L’incertitude se vivait à l’échelle de la planète : il n’y avait plus de différences nord / sud. Nous avons alors vu les continents touchés les uns après les autres dans une défaite inexorable face au virus et à sa propagation.

L’incertitude ou la capacité négative :

La capacité négative est un concept développé par Wilfred BION. Il s’agit de cette capacité du psychothérapeute d’être dans le mystère et le doute, d’accueillir le nouveau sans l’anticiper. Axelle Mars nous parlera, me semble-t’il, de la capacité négative lors de son intervention. Je trouve pour ma part admirable que Bion soit allé chercher/trouver/ créer auprès d’un poète ce concept. Cela me ravit. Le poète britannique John KEATS, 1795-1821, disait : « l’incertitude est celle de l’homme quand il est capable de se trouver un milieu d’incertitudes (avec un S), de Mystères (avec un M majuscule), de doutes, sans irritation impatiente de parvenir à un fait et à la raison ». Bion annonce : « Keats découvrit un « principe d’incertitude » qu’il appela capacité négative ».

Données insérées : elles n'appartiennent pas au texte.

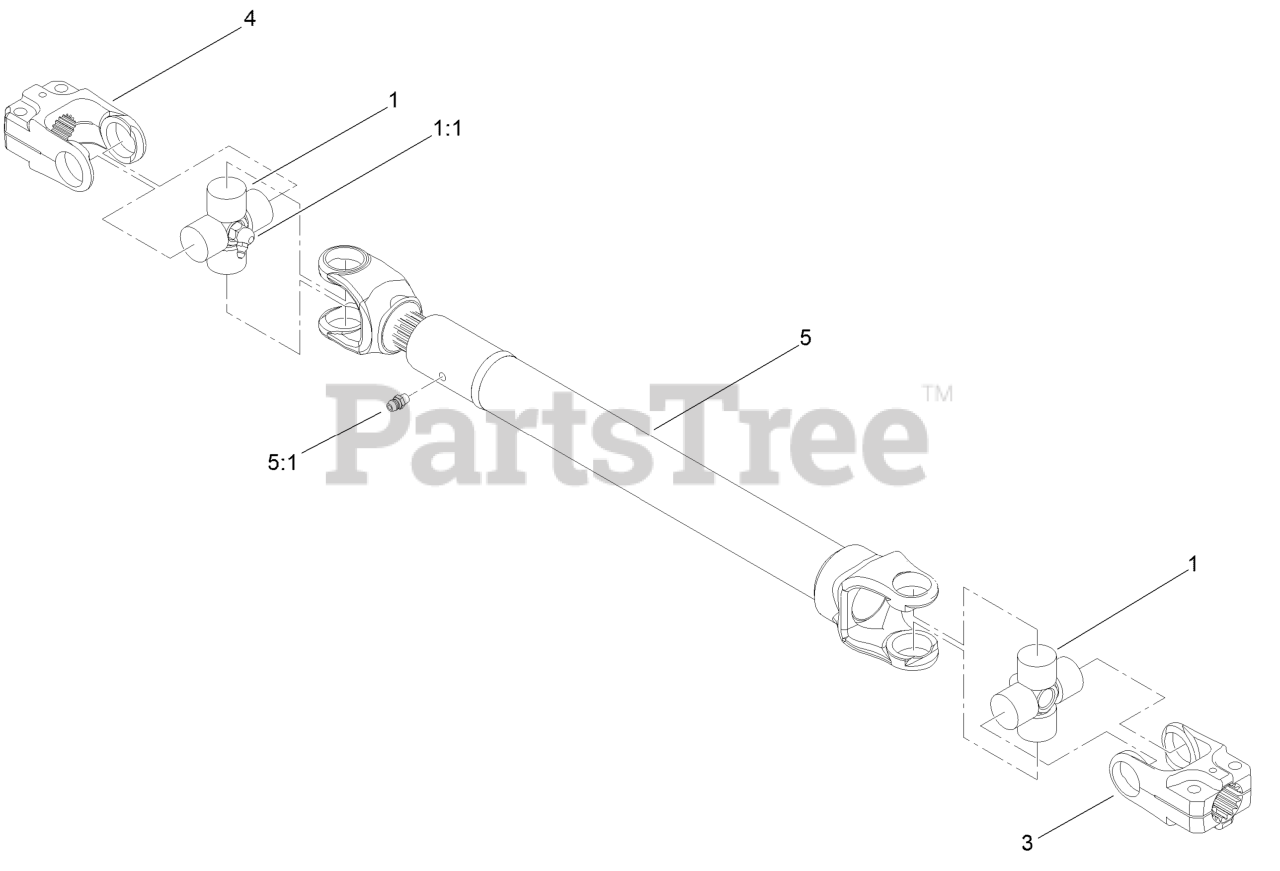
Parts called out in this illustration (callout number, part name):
1	Cross And Bearing Kit
1:1	Fitting-Grease
3	Yoke-End
4	Yoke-End
5	Tube-Yoke, Slip
5:1	Fitting-Grease

Jacquelyne Poulain-Colombier dans un petit texte intitulé « Lire Bion avec Keats » insiste que le positionnement du psychothérapeute : « L’instrument de l’analyse est une attitude de doute philosophique car c’est sur lui que se construit l’analyse. Il est primordial de conserver ce doute. En tant qu’analyste, dit Bion, j’étais appelé à garder un esprit ouvert, tout en ayant le sentiment d’être constamment sollicité (à commencer par moi-même) à trouver refuge dans une certitude ».

Autrement dit, pour le psychanalyste qui doit entrer en contact avec les faits psychanalytiques, accéder à la capacité négative ne relève pas d’un exercice intellectuel, ce n’est pas une technique du non-savoir. La capacité négative pour le psychanalyste en séance – et je souligne en séance – c’est résister à la tentation de s’accrocher à ce qu’il sait, supporter d’attendre tout en faisant face à « l’épouvante » que le travail de la curiosité peut provoquer en lui, « payer le prix » et, pas une fois, à chaque fois.1

C’est se laisser suspendre. Un travail d’acrobate sans cesse renouvelé, tel le funambule sur son fil.

C’est le principe même de l’activité des psychologues et psychothérapeutes dont l’acte de foi se situe dans la possibilité de la croissance psychique. Nous croyons en la possibilité de la croissance psychique.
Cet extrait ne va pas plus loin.